Cependant, Colville déclare qu’il a délibérément choisi de vivre à Sackville pour échapper à l’influence extérieure — il ne cherche pas à imiter quiconque, et entend plutôt développer son propre langage visuel et sa propre approche de la peinture. Colville n’a jamais travaillé dans un groupe et, malgré son inclusion au cours des décennies dans plusieurs expositions « réalistes », il n’a jamais pleinement adopté une école de peinture en particulier. La recherche de sens de Colville est une conversation avec l’histoire, avec le passé et le futur, jouée dans le présent éternel de chaque visionnement de son œuvre. Il veut être à la fois entièrement de son temps et intemporel.
Sérigraphies
À partir de 1955, en plus de la peinture, Colville s’intéresse à la sérigraphie.
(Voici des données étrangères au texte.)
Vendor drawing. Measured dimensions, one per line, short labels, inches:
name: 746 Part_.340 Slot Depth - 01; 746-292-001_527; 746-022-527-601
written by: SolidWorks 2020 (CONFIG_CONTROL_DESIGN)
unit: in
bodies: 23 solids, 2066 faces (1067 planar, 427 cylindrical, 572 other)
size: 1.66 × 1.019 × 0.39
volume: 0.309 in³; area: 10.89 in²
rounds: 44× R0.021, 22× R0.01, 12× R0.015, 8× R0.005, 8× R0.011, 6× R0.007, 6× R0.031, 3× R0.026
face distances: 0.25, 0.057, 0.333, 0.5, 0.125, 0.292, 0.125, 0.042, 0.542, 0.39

Habituellement, en tirages limités entre vingt et soixante-dix exemplaires, les sérigraphies de Colville doivent être considérées d’importance égale à ses peintures, et elles diffèrent d’ailleurs peu de ses tableaux dans le sujet et la composition. Colville réalise trente-cinq sérigraphies entre 1955 et 2002, et en 2013, il fait don d’un ensemble complet à l’Université Mount Allison, où il a fait ses premières études et enseigné par la suite. Ce don constitue le seul ensemble complet des sérigraphies de Colville à faire partie d’une collection publique ou privée.
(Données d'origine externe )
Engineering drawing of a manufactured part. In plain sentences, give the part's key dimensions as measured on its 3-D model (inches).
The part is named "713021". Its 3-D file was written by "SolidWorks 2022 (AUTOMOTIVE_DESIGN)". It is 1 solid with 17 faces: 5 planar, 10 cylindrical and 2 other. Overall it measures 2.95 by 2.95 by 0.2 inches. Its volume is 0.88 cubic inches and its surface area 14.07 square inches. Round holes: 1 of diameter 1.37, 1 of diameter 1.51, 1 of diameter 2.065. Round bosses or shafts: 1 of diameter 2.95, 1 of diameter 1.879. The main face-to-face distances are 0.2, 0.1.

Les sérigraphies sont réalisées en poussant de l’encre à travers un tissu à mailles très fines sur un substrat, les parties ne devant pas être de cette couleur particulière sont alors bloquées par un pochoir ou autre. Un écran différent est utilisé pour chaque couleur. Colville a réalisé toutes ses impressions lui-même et n’a jamais reproduit ses peintures avec cette technique. Au contraire, chaque sérigraphie est une composition unique. After Swimming (Après la baignade), 1955, est la première sérigraphie publiée de Colville. Cette image représente un thème auquel l’artiste est souvent retourné au cours de sa carrière — la relation entre un homme et une femme, et plus spécifiquement entre mari et femme, comme en témoigne le fait que l’artiste se prend lui-même comme modèle avec sa femme Rhoda.
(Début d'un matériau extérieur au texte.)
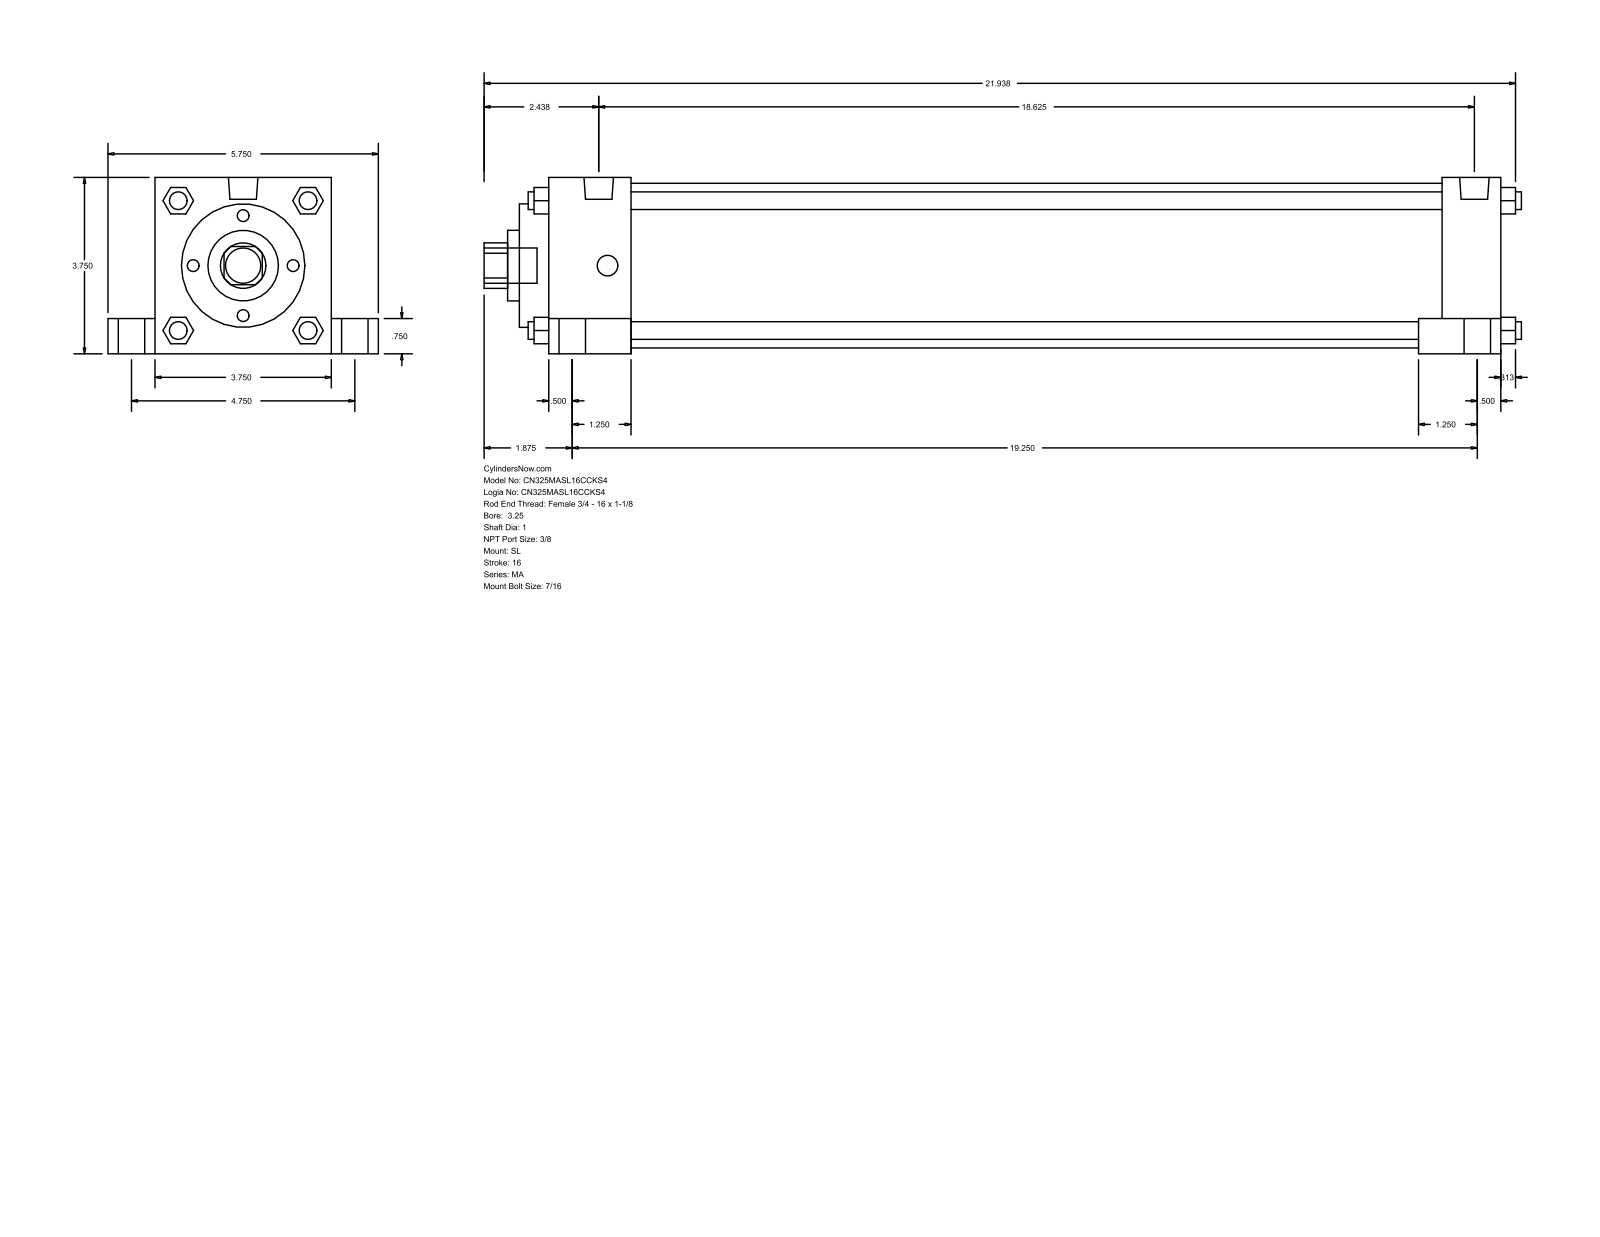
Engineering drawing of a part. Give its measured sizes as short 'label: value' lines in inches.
name: MA_SL__0325_1
written by: GSSL Pune (CONFIG_CONTROL_DESIGN)
unit: in
bodies: 0 solids, 150 faces (113 planar, 37 cylindrical, 0 other)
size: 22.063 × 5.75 × 3.75
holes: 1× ⌀1, 1× ⌀1.5, 1× ⌀2.625, 1× ⌀3.5
bosses: 4× ⌀0.813, 4× ⌀0.563, 4× ⌀0.437, 4× ⌀0.375, 2× ⌀0.627, 1× ⌀0.75
rounds: 1× R0.484
face distances: 3.75, 20.25, 0.625, 1, 4.75, 20.875, 0.75, 19, 1.25, 1.75

Bien que ce soit un procédé compliqué et exigeant, la sérigraphie demande à Colville beaucoup moins de temps que la peinture, ce qui lui permet de travailler en multiples. L’immédiateté relative de la technique (les couleurs sont appliquées sur toute la surface et les images apparaissent tout de suite plutôt que d’être progressivement construites par des milliers de coups de pinceau), la nature implacable de faire des images en appliquant la couleur à travers un écran, et les limites inhérentes au procédé ont excité l’intérêt de Colville : « L’un des attraits de la sérigraphie est la discipline de la technique d’impression; en peinture, presque tout est possible — avec la sérigraphie, il y a la limitation du moyen; le concept doit être adapté à un mode d’expression plus économique ». Fait intéressant, Colville ne s’intéresse pas à d’autres formes d’arts d’impression, et il ne réalise pas non plus, après les années 1940, d’aquarelles ou de dessins comme œuvres achevées. Il s’est indéfectiblement concentré sur la peinture et la sérigraphie.